Süper Lig’in ilk veya son haftasındaki puanlar arasında bir fark yok ki!.. Aynı rakamlarla yazılıyorlar, aynı özgül ağırlığı taşıyorlar, ister topla, ister çıkar; dört işleme aynı etkiyi yapıyorlar!
Hele transfer yarışı bile “turnuva” haline gelmiş, forma sahibi tüm vatandaşlar gelen-giden çetelesi tutarken, ezeli rakip Galatasaray’ın iki kayıpla başladığı açılış haftası, Cumhuriyet Altını gibi üç puanı cüzdana koymak her şampiyon adayının temennisi, Fenerbahçe’nin hasretiydi; gerçekleşti.
Hatırlayın geçen sezona Ümraniyespor beraberliği ile siftah yapıp, dördüncü hafta Konyaspor’a verilen üç puanı. Ümitler nefes borusuna kaçan lokmalar haline gelmişti.
Bu maç bize öğretti ki, futbol belirsizlikler oyunudur ama gerçekler değiştirilemez! Fenerbahçe bu sezona ve Avrupa’nın üç numaralı kupasına “gömleğin ilk düğmesini doğru ilikleyerek başladı”... Gömlek şimdilik pek fiyakalı değil o kadar. Para bol; yeni modeller yolda!..
Transfer tamamlanıp sistem oturduğunda seyredin siz Fenerbahçe’yi.
Eğri oturup doğru konuşalım!
Transfer sürecinde adeta tersaneye sokulup sökülen topları yerine nükleer başlıklı roketler monte edilen dehşet kruvazörüne dönmüş bir Fenerbahçe karşısında altı ay önce dehşeti yaşamış, ligden soğumuş, nekahat devresindeki Gaziantep’in ne kadar şansı olabilirdi zaten.
İşte bu kadar. 2-1 umulandan çok fazlası.
Konuk takım ofansif ve inatçı bir kadro ve başta Maxim olmak üzere anlaşılamayan bir sinirle gelmişti Kadıköy’e... Maksim 23. dakikada itiraz ve alkışla iki sarıdan atılınca hem Gaziantep’i yaktı hem de maçın hatta Fenerbahçe’nin bile keyfini kaçırdı.

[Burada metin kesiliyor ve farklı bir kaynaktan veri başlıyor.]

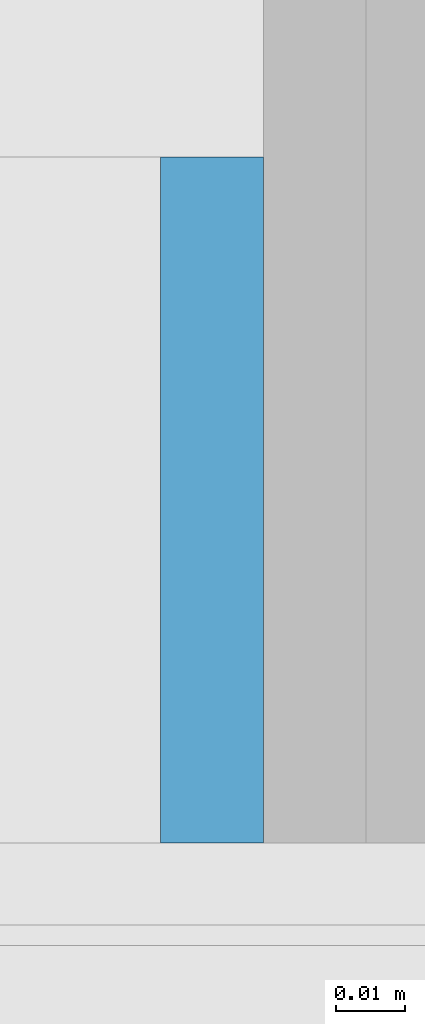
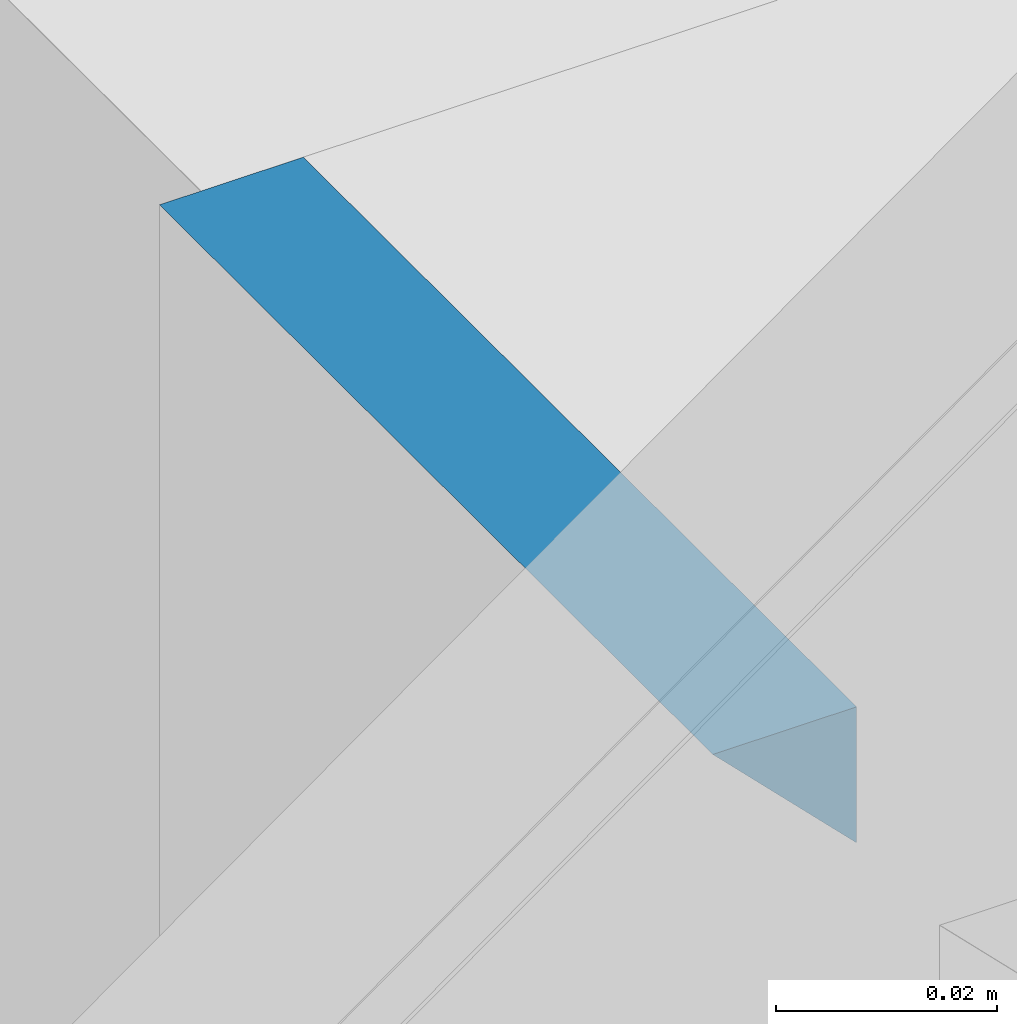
# One storey, part 29 of 583: 1 wall.
"""IFC2X3 building model written with IfcOpenShell, lengths in metres."""

from ifc_helpers import new_model, entity, si_unit, converted_unit, derived_unit, money_unit, direction, frame, origin_with_axes, place, context, subcontext, project, spatial, polyline, outline, extrude, material, type_object, element, save


model = new_model("IFC2X3")

# Units and contexts
model_context = context("Model", 3, precision=1e-05, world=origin_with_axes(), true_north=direction((0.0, 1.0)))
body_context = subcontext(model_context, "Body", "Model", "MODEL_VIEW", scale=1.0)
ifc_project = project(units=[si_unit("LENGTHUNIT", "METRE"), si_unit("AREAUNIT", "SQUARE_METRE"), si_unit("VOLUMEUNIT", "CUBIC_METRE"), si_unit("ABSORBEDDOSEUNIT", "GRAY"), si_unit("AMOUNTOFSUBSTANCEUNIT", "MOLE"), si_unit("DOSEEQUIVALENTUNIT", "SIEVERT"), si_unit("ELECTRICCAPACITANCEUNIT", "FARAD"), si_unit("ELECTRICCHARGEUNIT", "COULOMB"), si_unit("ELECTRICCONDUCTANCEUNIT", "SIEMENS"), si_unit("ELECTRICCURRENTUNIT", "AMPERE"), si_unit("ELECTRICRESISTANCEUNIT", "OHM"), si_unit("ELECTRICVOLTAGEUNIT", "VOLT"), si_unit("ENERGYUNIT", "JOULE"), si_unit("FORCEUNIT", "NEWTON"), si_unit("FREQUENCYUNIT", "HERTZ"), si_unit("ILLUMINANCEUNIT", "LUX"), si_unit("INDUCTANCEUNIT", "HENRY"), si_unit("LUMINOUSFLUXUNIT", "LUMEN"), si_unit("LUMINOUSINTENSITYUNIT", "CANDELA"), si_unit("MAGNETICFLUXDENSITYUNIT", "TESLA"), si_unit("MAGNETICFLUXUNIT", "WEBER"), si_unit("MASSUNIT", "GRAM"), converted_unit("PLANEANGLEUNIT", "degree", entity("IfcReal", 0.0174532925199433), si_unit("PLANEANGLEUNIT", "RADIAN"), dimensions=[0, 0, 0, 0, 0, 0, 0]), si_unit("POWERUNIT", "WATT"), si_unit("PRESSUREUNIT", "PASCAL"), si_unit("RADIOACTIVITYUNIT", "BECQUEREL"), si_unit("SOLIDANGLEUNIT", "STERADIAN"), si_unit("THERMODYNAMICTEMPERATUREUNIT", "KELVIN"), si_unit("TIMEUNIT", "SECOND"), derived_unit("ACCELERATIONUNIT", [(si_unit("LENGTHUNIT", "METRE"), 1), (si_unit("TIMEUNIT", "SECOND"), -2)]), derived_unit("ANGULARVELOCITYUNIT", [(converted_unit("PLANEANGLEUNIT", "degree", entity("IfcReal", 0.0174532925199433), si_unit("PLANEANGLEUNIT", "RADIAN"), dimensions=[0, 0, 0, 0, 0, 0, 0]), 1), (si_unit("TIMEUNIT", "SECOND"), -1)]), derived_unit("CURVATUREUNIT", [(converted_unit("PLANEANGLEUNIT", "degree", entity("IfcReal", 0.0174532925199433), si_unit("PLANEANGLEUNIT", "RADIAN"), dimensions=[0, 0, 0, 0, 0, 0, 0]), 1), (si_unit("LENGTHUNIT", "METRE"), -1)]), derived_unit("DYNAMICVISCOSITYUNIT", [(si_unit("PRESSUREUNIT", "PASCAL"), 1), (si_unit("TIMEUNIT", "SECOND"), 1)]), derived_unit("HEATFLUXDENSITYUNIT", [(si_unit("POWERUNIT", "WATT"), 1), (si_unit("LENGTHUNIT", "METRE"), -2)]), derived_unit("HEATINGVALUEUNIT", [(si_unit("ENERGYUNIT", "JOULE"), 1), (si_unit("MASSUNIT", "GRAM"), -1)]), derived_unit("INTEGERCOUNTRATEUNIT", [(si_unit("TIMEUNIT", "SECOND"), -1)]), derived_unit("IONCONCENTRATIONUNIT", [(si_unit("MASSUNIT", "GRAM"), 1), (si_unit("VOLUMEUNIT", "CUBIC_METRE"), -1)]), derived_unit("ISOTHERMALMOISTURECAPACITYUNIT", [(si_unit("VOLUMEUNIT", "CUBIC_METRE"), 1), (si_unit("MASSUNIT", "GRAM"), -1)]), derived_unit("KINEMATICVISCOSITYUNIT", [(si_unit("AREAUNIT", "SQUARE_METRE"), 1), (si_unit("TIMEUNIT", "SECOND"), -1)]), derived_unit("LINEARFORCEUNIT", [(si_unit("FORCEUNIT", "NEWTON"), 1), (si_unit("LENGTHUNIT", "METRE"), -1)]), derived_unit("LINEARMOMENTUNIT", [(si_unit("FORCEUNIT", "NEWTON"), 1), (si_unit("LENGTHUNIT", "METRE"), -1)]), derived_unit("LINEARSTIFFNESSUNIT", [(si_unit("FORCEUNIT", "NEWTON"), 1), (si_unit("LENGTHUNIT", "METRE"), -1)]), derived_unit("LINEARVELOCITYUNIT", [(si_unit("LENGTHUNIT", "METRE"), 1), (si_unit("TIMEUNIT", "SECOND"), -1)]), derived_unit("LUMINOUSINTENSITYDISTRIBUTIONUNIT", [(si_unit("LUMINOUSINTENSITYUNIT", "CANDELA"), 1), (si_unit("LUMINOUSFLUXUNIT", "LUMEN"), -1)]), derived_unit("MASSDENSITYUNIT", [(si_unit("MASSUNIT", "GRAM"), 1), (si_unit("VOLUMEUNIT", "CUBIC_METRE"), -1)]), derived_unit("MASSFLOWRATEUNIT", [(si_unit("MASSUNIT", "GRAM"), 1), (si_unit("TIMEUNIT", "SECOND"), -1)]), derived_unit("MASSPERLENGTHUNIT", [(si_unit("MASSUNIT", "GRAM"), 1), (si_unit("LENGTHUNIT", "METRE"), -1)]), derived_unit("MODULUSOFELASTICITYUNIT", [(si_unit("FORCEUNIT", "NEWTON"), 1), (si_unit("AREAUNIT", "SQUARE_METRE"), -1)]), derived_unit("MODULUSOFLINEARSUBGRADEREACTIONUNIT", [(si_unit("FORCEUNIT", "NEWTON"), 1), (si_unit("LENGTHUNIT", "METRE"), -2)]), derived_unit("MODULUSOFROTATIONALSUBGRADEREACTIONUNIT", [(si_unit("FORCEUNIT", "NEWTON"), 1), (si_unit("LENGTHUNIT", "METRE"), 1)]), derived_unit("MODULUSOFSUBGRADEREACTIONUNIT", [(si_unit("FORCEUNIT", "NEWTON"), 1), (si_unit("VOLUMEUNIT", "CUBIC_METRE"), -1)]), derived_unit("MOISTUREDIFFUSIVITYUNIT", [(si_unit("VOLUMEUNIT", "CUBIC_METRE"), 1), (si_unit("TIMEUNIT", "SECOND"), -1)]), derived_unit("MOLECULARWEIGHTUNIT", [(si_unit("MASSUNIT", "GRAM"), 1), (si_unit("AMOUNTOFSUBSTANCEUNIT", "MOLE"), -1)]), derived_unit("PLANARFORCEUNIT", [(si_unit("FORCEUNIT", "NEWTON"), 1), (si_unit("LENGTHUNIT", "METRE"), -2)]), derived_unit("ROTATIONALFREQUENCYUNIT", [(si_unit("TIMEUNIT", "SECOND"), -1)]), derived_unit("ROTATIONALMASSUNIT", [(si_unit("MASSUNIT", "GRAM"), 1), (si_unit("LENGTHUNIT", "METRE"), 2)]), derived_unit("ROTATIONALSTIFFNESSUNIT", [(si_unit("FORCEUNIT", "NEWTON"), 1), (si_unit("LENGTHUNIT", "METRE"), 1), (converted_unit("PLANEANGLEUNIT", "degree", entity("IfcReal", 0.0174532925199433), si_unit("PLANEANGLEUNIT", "RADIAN"), dimensions=[0, 0, 0, 0, 0, 0, 0]), -1)]), derived_unit("SECTIONAREAINTEGRALUNIT", [(si_unit("LENGTHUNIT", "METRE"), 5)]), derived_unit("SECTIONMODULUSUNIT", [(si_unit("LENGTHUNIT", "METRE"), 3)]), derived_unit("SHEARMODULUSUNIT", [(si_unit("FORCEUNIT", "NEWTON"), 1), (si_unit("AREAUNIT", "SQUARE_METRE"), -1)]), derived_unit("SOUNDPOWERUNIT", [(si_unit("ENERGYUNIT", "JOULE"), 1), (si_unit("TIMEUNIT", "SECOND"), -1)]), derived_unit("SPECIFICHEATCAPACITYUNIT", [(si_unit("FORCEUNIT", "NEWTON"), 1), (si_unit("MASSUNIT", "GRAM"), -1), (si_unit("THERMODYNAMICTEMPERATUREUNIT", "KELVIN"), -1)]), derived_unit("TEMPERATUREGRADIENTUNIT", [(si_unit("THERMODYNAMICTEMPERATUREUNIT", "KELVIN"), 1), (si_unit("LENGTHUNIT", "METRE"), -1)]), derived_unit("THERMALADMITTANCEUNIT", [(si_unit("POWERUNIT", "WATT"), 1), (si_unit("AREAUNIT", "SQUARE_METRE"), -1), (si_unit("THERMODYNAMICTEMPERATUREUNIT", "KELVIN"), -1)]), derived_unit("THERMALCONDUCTANCEUNIT", [(si_unit("POWERUNIT", "WATT"), 1), (si_unit("LENGTHUNIT", "METRE"), -1), (si_unit("THERMODYNAMICTEMPERATUREUNIT", "KELVIN"), -1)]), derived_unit("THERMALEXPANSIONCOEFFICIENTUNIT", [(si_unit("THERMODYNAMICTEMPERATUREUNIT", "KELVIN"), -1)]), derived_unit("THERMALRESISTANCEUNIT", [(si_unit("AREAUNIT", "SQUARE_METRE"), 1), (si_unit("POWERUNIT", "WATT"), -1)]), derived_unit("THERMALTRANSMITTANCEUNIT", [(si_unit("POWERUNIT", "WATT"), 1), (si_unit("AREAUNIT", "SQUARE_METRE"), -1), (si_unit("THERMODYNAMICTEMPERATUREUNIT", "KELVIN"), -1)]), derived_unit("TORQUEUNIT", [(si_unit("FORCEUNIT", "NEWTON"), 1), (si_unit("LENGTHUNIT", "METRE"), 1)]), derived_unit("VAPORPERMEABILITYUNIT", [(si_unit("MASSUNIT", "GRAM"), 1), (si_unit("TIMEUNIT", "SECOND"), -1)]), derived_unit("VOLUMETRICFLOWRATEUNIT", [(si_unit("VOLUMEUNIT", "CUBIC_METRE"), 1), (si_unit("TIMEUNIT", "SECOND"), -1)]), derived_unit("WARPINGCONSTANTUNIT", [(si_unit("LENGTHUNIT", "METRE"), 6)]), derived_unit("WARPINGMOMENTUNIT", [(si_unit("FORCEUNIT", "NEWTON"), 1), (si_unit("LENGTHUNIT", "METRE"), 2)]), money_unit("GBP")], contexts=[model_context])

# Site, building, storey
site_placement = place(None, origin_with_axes())
site = spatial("IfcSite", under=ifc_project, at=site_placement, Name="Site", CompositionType="ELEMENT")
building_placement = place(site_placement, origin_with_axes())
building = spatial("IfcBuilding", under=site, at=building_placement, Name="Building01", CompositionType="ELEMENT")
storey_placement = place(building_placement, frame((0.0, 0.0, 20.78), z_axis=(0.0, 0.0, 1.0), x_axis=(1.0, 0.0, 0.0)))
storey = spatial("IfcBuildingStorey", under=building, at=storey_placement, Name="RL", CompositionType="ELEMENT", Elevation=20.78)

# Wall
ifc_material = material(Name="A_BSUK_Walls_Timber")
wall_type = type_object("IfcWallType", Name="default", PredefinedType="NOTDEFINED")
wall_placement = place(storey_placement, frame((4.164443, 5.165, -5.93), z_axis=(0.0, 1.0, 0.0), x_axis=(1.0, 0.0, 0.0)))
element("IfcWall", 1, at=wall_placement, inside=storey, type_object=wall_type, material=ifc_material, Name="default", ObjectType="default", context=body_context, shape_type="SweptSolid", body=[
    extrude(outline(polyline([(-0.015015, -0.015), (0.0, -0.015), (0.0, 0.0), (-1.5e-05, 0.0), (-0.015015, -0.015)])), origin_with_axes(), (0.0, 0.0, 1.0), 0.1),
])

save(model, "model.ifc")

Daha 18 dakika içinde biri Tadic diğeri Szymanski destekli iki seyirlik Dzeko golüyle adeta şov yapan Fenerbahçe, Gaziantep 10 kişi kaldıktan sonra oyunu rölantiye aldı, adeta bilerek soğuttu. Mücadeleyi bıraktı.
Sıcaktan mı, rakibe mi üzüldü, “zaten kazandım” mı dedi bilinmez; Fenerbahçe takımı langırt masasındaki futbolcular gibi sadece iki yöne hareketli yarı sabit hale geldi uzun süre. Dzeko bile peynir ekmek gibi goller kaçırmaya başladı. Tadic durdu.
Maçın sonuna kadar çok aradılar sonra o kaybettikleri dakikaları. İlk yarı bitmek üzereyken önce Fenerbahçe’nin hakem tarafından verilip ekranda izlendikten sonra iptal edilen “gri” bir penaltısı vardı. Ama devre bitmeden asıl sürpriz geldi:
Gradel’in kullandığı serbest vuruşu Arda’nın kaleye göndermesi ve Altay’ın içeri tokatlayıp skorun 2-1 yapması, futbolun “travma yaşamış zayıf rakip, eksik bile olsa, sen oynamadığında kalende gol görmen sürpriz değildir” uyarısıydı.
Neyse ki, hakem Bitigen ikinci yarı başındaki Fenerbahçe penaltısını çaldı, izledi, onayladı da ilk haftadan hakem-VAR tartışmaları ertelendi. Ama Tadic’in penaltısını Batuhan çıkardı.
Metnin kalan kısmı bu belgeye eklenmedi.